PROMPT: If a record holds a picture, leave the picture out and copy everything else exactly.

=======

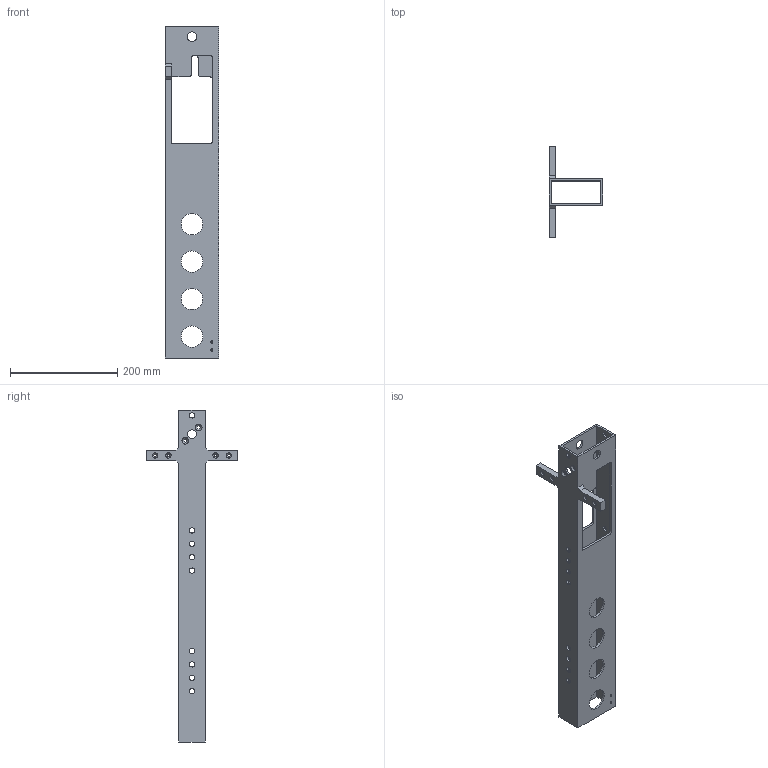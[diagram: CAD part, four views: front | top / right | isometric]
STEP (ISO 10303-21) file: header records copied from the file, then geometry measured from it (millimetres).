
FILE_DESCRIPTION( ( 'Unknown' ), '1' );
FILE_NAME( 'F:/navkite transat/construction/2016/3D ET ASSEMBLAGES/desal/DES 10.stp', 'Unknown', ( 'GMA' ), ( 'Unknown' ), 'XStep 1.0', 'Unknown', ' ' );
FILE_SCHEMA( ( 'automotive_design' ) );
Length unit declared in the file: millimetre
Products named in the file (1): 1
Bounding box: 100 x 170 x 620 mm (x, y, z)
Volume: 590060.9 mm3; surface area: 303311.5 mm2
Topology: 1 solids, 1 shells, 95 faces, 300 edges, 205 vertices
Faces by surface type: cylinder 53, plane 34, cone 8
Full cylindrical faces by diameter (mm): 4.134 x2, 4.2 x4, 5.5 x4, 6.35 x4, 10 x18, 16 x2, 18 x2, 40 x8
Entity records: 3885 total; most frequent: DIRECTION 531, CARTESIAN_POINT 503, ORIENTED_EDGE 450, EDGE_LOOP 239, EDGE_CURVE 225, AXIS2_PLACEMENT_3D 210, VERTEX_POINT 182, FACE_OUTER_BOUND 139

=======

TASK RESULT:
[diagram: CAD part, four views: front | top / right | isometric]
STEP (ISO 10303-21) file: header records copied from the file, then geometry measured from it (millimetres).
FILE_DESCRIPTION( ( 'Unknown' ), '1' );
FILE_NAME( 'F:/navkite transat/construction/2016/3D ET ASSEMBLAGES/desal/DES 10.stp', 'Unknown', ( 'GMA' ), ( 'Unknown' ), 'XStep 1.0', 'Unknown', ' ' );
FILE_SCHEMA( ( 'automotive_design' ) );
Length unit declared in the file: millimetre
Products named in the file (1): 1
Bounding box: 100 x 170 x 620 mm (x, y, z)
Volume: 590060.9 mm3; surface area: 303311.5 mm2
Topology: 1 solids, 1 shells, 95 faces, 300 edges, 205 vertices
Faces by surface type: cylinder 53, plane 34, cone 8
Full cylindrical faces by diameter (mm): 4.134 x2, 4.2 x4, 5.5 x4, 6.35 x4, 10 x18, 16 x2, 18 x2, 40 x8
Entity records: 3885 total; most frequent: DIRECTION 531, CARTESIAN_POINT 503, ORIENTED_EDGE 450, EDGE_LOOP 239, EDGE_CURVE 225, AXIS2_PLACEMENT_3D 210, VERTEX_POINT 182, FACE_OUTER_BOUND 139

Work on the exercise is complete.